Les humoristes de France Inter ont poussé la pratique du ricanement à son paroxysme. Ils fabriquent eux-mêmes les propos dont ils vont pouvoir se moquer, afin de ridiculiser des idées qui ne leur reviennent pas.
Ricaner, c’est se moquer et c’est surtout affirmer sa supériorité sur son adversaire. C’est d’autant plus facile qu’on est en groupe (tout le studio rit en chœur de chaque pique lancée), et que l’adversaire est absent.
Mais il faut tout de même faire l’effort de trouver dans ce qu’a pu dire la victime quelque chose de visiblement stupide ou critiquable. Cela nécessite un peu de travail, il faut effectuer un minimum de recherche et faire preuve d’esprit critique.

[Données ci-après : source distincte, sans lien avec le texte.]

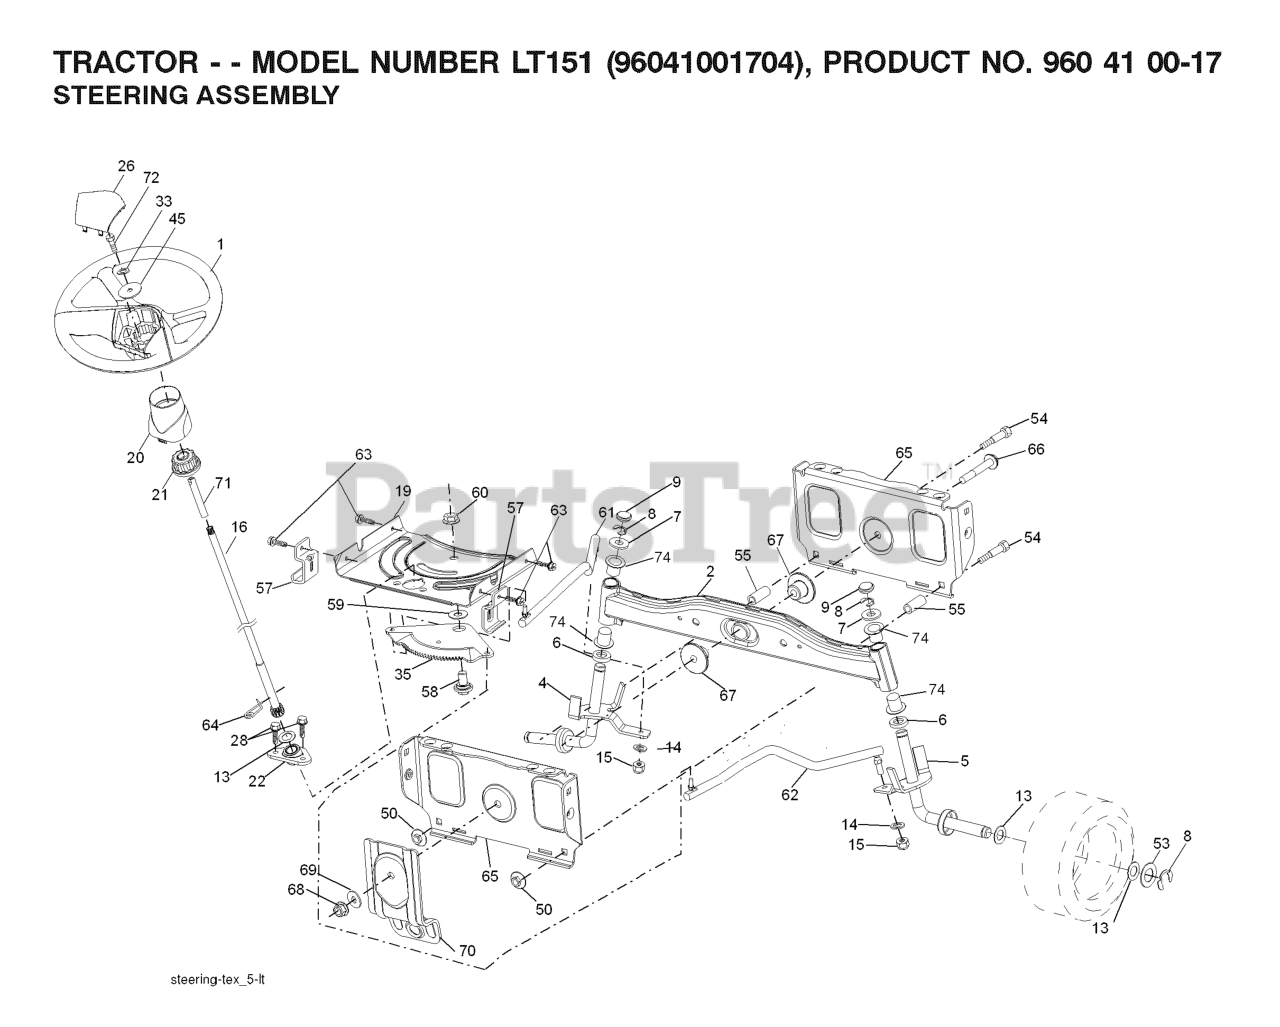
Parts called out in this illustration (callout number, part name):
1	WHEEL.STEERING.LEGEND2.GRY
2	AXLE.HALF.ASM.WELDED
4	SPINDLE.WELDED.LH.15"TEX
5	SPINDLE.WELDED.RH.15"T
6	THRUST WASHER
9	CAP.SPINDLE.BLACK
14	WASHER, LOCK 3/8
15	NUT CROWNLOCK 3/8-24
16	SHAFT STEERING
19	PLATE.STEER.DDL.NLT/NG
20	BOOT, STEERING
21	ADAPTER, WHEEL STNG..
22	BUSHING.ASM.STEERING.A
26	INSERT.CAP.STRG.WH.GRAY
28	SCREW, 3/8-16X3/4
33	WASHER.LOCK.HVY.HLCL.SPR.5/16
35	GEAR.SECTOR.PLATE.DDL.
45	WASHER.11/32
50	NUT LOCK FLG 3/8-16 UNC
53	WASHER.HARDENED
55	SPACER.BRACE.AXLE (2 2)
57	BRACKET.UPSTOP.TEX
58	BOLT.SHOULDER.SECTOR.P
59	WASHER.THURST.SECTOR.S
60	NUT FLANGE LOCK 5/8-11
61	DRAGLINK.LH.BALLSTUD.D
62	DRAGLINK.RH.BALLSTUD.D
63	SCREW
64	RETAINER.CLIP.SPRING.S
65	BRACE.AXLE.FRONT.NLT/N
66	BOLT HEX FGHD 7/16-14 X 3 SERR
67	BUSHING.PM.FRONT AXLE
68	NUT.LOCK.FLANGE.7/16
69	WASHER.1.5X.505X.118
70	BRKT.DECK.SUSPENSION.F
71	SHAFT EXTENSION STEERING
72	BOLT YT
74	BRNG T

Heureusement ils ont trouvé un moyen de rendre les choses plus faciles. Les rediffusions de l’été m’ont permis de le découvrir, en me donnant à entendre des chroniques de Guillaume Meurice. Le principe est le suivant : il va interroger des gens sur un sujet plus ou moins polémique, leur faire dire des bêtises et en ricaner.
En choisissant bien la personne interrogée, en jouant avec elle puis en sélectionnant les réponses qu’il va passer à l’antenne, il fabrique ainsi lui-même les propos dont il va pouvoir se moquer. En se moquant de ses propos il tourne en ridicule la personne qui les a tenus, mais aussi la position qu’elle défend. C’est évidemment l’objectif.
Ces derniers jours il a pu se moquer à peu de frais des éleveurs qui sont contre la viande végétale, des Républicains qui sont pour l’uniforme à l’école ou des bourgeois (c’est ainsi qu’il les présente) qui sont favorables à la dissolution du mouvement des Soulèvements de la Terre.
Le rendu à l’antenne est passionnant. Dès les premiers mots de la personne interrogée on comprend qu’elle n’est pas parfaitement éclairée et en deux ou trois questions Guillaume Meurice l’amène à dire une bêtise. Et le studio entier de s’esclaffer. Ainsi il ridiculise ceux qui ne pensent pas comme lui, qu’ils soient opposés à la viande végétale ou favorables à l’uniforme à l’école.
C’est un procédé lamentable. La personne interrogée est manipulée, ses propos sont sélectionnés avant d’être livrés aux ricanements et elle n’est évidemment pas là pour se défendre.
Nous avons déjà dit à quel point le micro-trottoir, au-delà d’être le niveau zéro du journalisme, représentait une forme de manipulation. Nous en avons là une version sublimée. Pour démontrer (sans le dire évidemment) que telle cause est mauvaise, on va en trouver un défenseur malhabile et l’amener à se ridiculise. Notons que Guillaume Meurice a peut-être interrogé plusieurs interlocuteurs brillants qui lui ont cloué le bec avant de tomber sur le malheureux qu’il va passer à l’antenne. Nous ne pouvons pas le savoir.
Tout cela est de la pure manipulation et sous couvert d’humour c’est une véritable propagande qui est à l’œuvre.